Exercise materials START

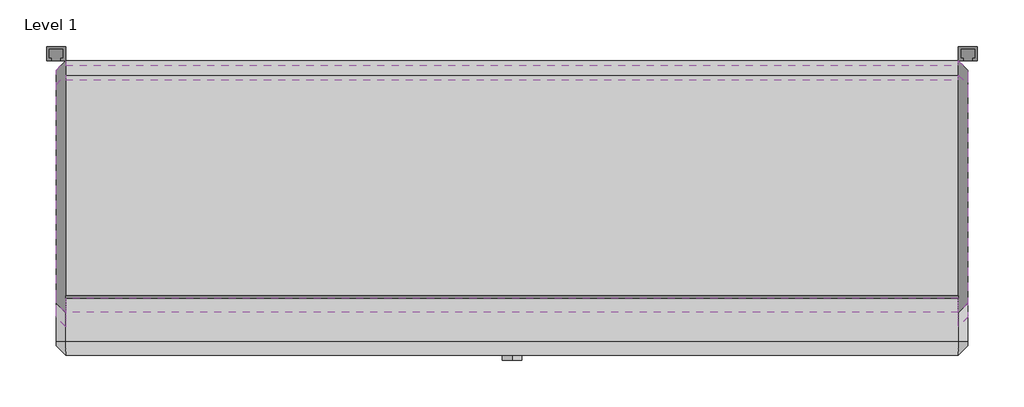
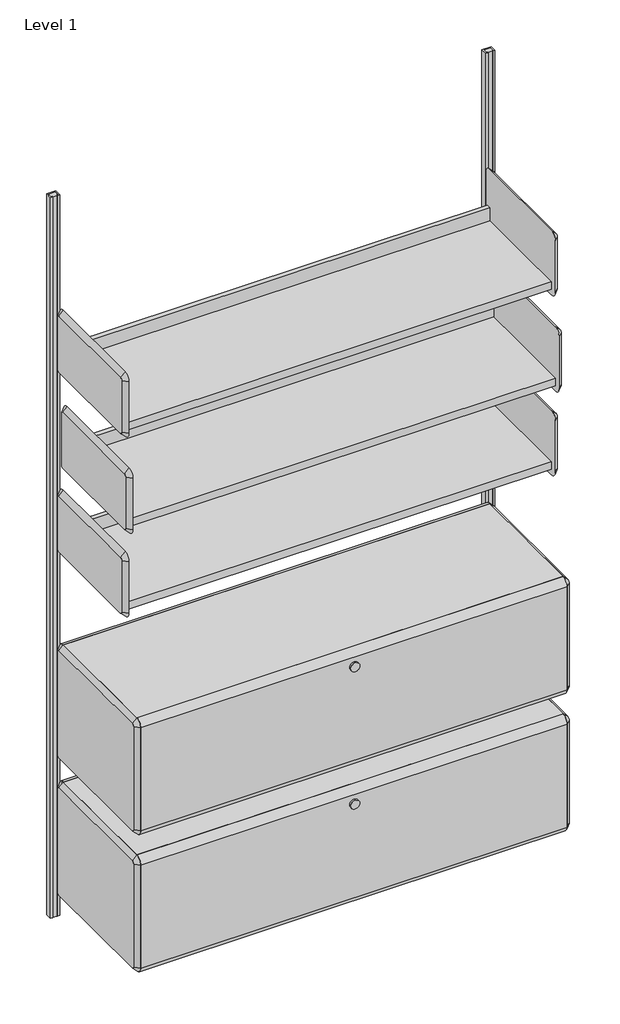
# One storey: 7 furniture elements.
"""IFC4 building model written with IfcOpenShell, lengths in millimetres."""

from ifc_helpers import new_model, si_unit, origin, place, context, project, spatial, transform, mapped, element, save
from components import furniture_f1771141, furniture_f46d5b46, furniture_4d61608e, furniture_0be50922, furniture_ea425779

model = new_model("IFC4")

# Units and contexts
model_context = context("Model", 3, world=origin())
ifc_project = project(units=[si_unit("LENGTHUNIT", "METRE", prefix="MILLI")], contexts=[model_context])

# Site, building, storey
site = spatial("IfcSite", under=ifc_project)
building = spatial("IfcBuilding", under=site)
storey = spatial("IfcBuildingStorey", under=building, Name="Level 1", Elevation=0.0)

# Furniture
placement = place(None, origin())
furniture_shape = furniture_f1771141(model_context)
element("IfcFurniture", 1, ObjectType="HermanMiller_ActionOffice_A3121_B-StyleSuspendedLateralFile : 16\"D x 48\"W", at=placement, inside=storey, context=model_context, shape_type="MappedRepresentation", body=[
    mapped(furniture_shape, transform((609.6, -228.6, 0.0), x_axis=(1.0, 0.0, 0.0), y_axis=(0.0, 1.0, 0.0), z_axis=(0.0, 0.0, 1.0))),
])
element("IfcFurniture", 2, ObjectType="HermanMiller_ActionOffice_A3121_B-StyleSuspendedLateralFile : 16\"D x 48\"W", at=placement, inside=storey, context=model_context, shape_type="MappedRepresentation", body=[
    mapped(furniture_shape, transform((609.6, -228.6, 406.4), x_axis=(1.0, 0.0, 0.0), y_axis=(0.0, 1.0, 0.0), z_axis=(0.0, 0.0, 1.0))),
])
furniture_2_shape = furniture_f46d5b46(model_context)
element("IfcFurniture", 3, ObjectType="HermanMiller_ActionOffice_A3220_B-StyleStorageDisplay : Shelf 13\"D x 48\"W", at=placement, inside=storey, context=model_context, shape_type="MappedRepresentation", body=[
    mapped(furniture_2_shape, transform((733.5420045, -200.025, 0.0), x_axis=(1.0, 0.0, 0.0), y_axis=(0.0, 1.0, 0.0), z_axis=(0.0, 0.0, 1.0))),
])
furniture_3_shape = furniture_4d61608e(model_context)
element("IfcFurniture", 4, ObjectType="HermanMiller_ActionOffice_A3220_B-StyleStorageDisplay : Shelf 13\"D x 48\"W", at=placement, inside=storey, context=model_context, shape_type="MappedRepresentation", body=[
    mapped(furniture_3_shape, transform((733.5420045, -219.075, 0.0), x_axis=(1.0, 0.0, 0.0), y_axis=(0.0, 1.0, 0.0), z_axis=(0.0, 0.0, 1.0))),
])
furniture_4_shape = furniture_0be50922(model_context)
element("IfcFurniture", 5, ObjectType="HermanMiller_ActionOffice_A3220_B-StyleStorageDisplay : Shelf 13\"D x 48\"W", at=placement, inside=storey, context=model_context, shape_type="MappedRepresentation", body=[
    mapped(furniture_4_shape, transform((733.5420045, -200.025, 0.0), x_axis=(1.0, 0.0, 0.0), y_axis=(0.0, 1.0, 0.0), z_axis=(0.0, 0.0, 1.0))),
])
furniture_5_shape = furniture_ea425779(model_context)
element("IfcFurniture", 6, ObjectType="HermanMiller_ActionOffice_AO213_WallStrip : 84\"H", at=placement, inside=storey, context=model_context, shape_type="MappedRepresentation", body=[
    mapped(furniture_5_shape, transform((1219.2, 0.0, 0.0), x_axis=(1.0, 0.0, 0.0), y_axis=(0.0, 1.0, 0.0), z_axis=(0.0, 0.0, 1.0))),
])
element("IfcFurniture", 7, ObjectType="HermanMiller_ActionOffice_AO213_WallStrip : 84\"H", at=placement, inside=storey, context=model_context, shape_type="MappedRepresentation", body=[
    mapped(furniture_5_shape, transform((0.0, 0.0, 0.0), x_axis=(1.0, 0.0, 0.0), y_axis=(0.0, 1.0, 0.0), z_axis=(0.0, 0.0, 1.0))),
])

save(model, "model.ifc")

Exercise materials END

Work request: Only the final stretch of the entries above is needed: print exactly the lines from the line containing "furniture_4_shape = furniture_0be50922(model_context)" through the last one.

Answer box:
furniture_4_shape = furniture_0be50922(model_context)
element("IfcFurniture", 5, ObjectType="HermanMiller_ActionOffice_A3220_B-StyleStorageDisplay : Shelf 13\"D x 48\"W", at=placement, inside=storey, context=model_context, shape_type="MappedRepresentation", body=[
    mapped(furniture_4_shape, transform((733.5420045, -200.025, 0.0), x_axis=(1.0, 0.0, 0.0), y_axis=(0.0, 1.0, 0.0), z_axis=(0.0, 0.0, 1.0))),
])
furniture_5_shape = furniture_ea425779(model_context)
element("IfcFurniture", 6, ObjectType="HermanMiller_ActionOffice_AO213_WallStrip : 84\"H", at=placement, inside=storey, context=model_context, shape_type="MappedRepresentation", body=[
    mapped(furniture_5_shape, transform((1219.2, 0.0, 0.0), x_axis=(1.0, 0.0, 0.0), y_axis=(0.0, 1.0, 0.0), z_axis=(0.0, 0.0, 1.0))),
])
element("IfcFurniture", 7, ObjectType="HermanMiller_ActionOffice_AO213_WallStrip : 84\"H", at=placement, inside=storey, context=model_context, shape_type="MappedRepresentation", body=[
    mapped(furniture_5_shape, transform((0.0, 0.0, 0.0), x_axis=(1.0, 0.0, 0.0), y_axis=(0.0, 1.0, 0.0), z_axis=(0.0, 0.0, 1.0))),
])

save(model, "model.ifc")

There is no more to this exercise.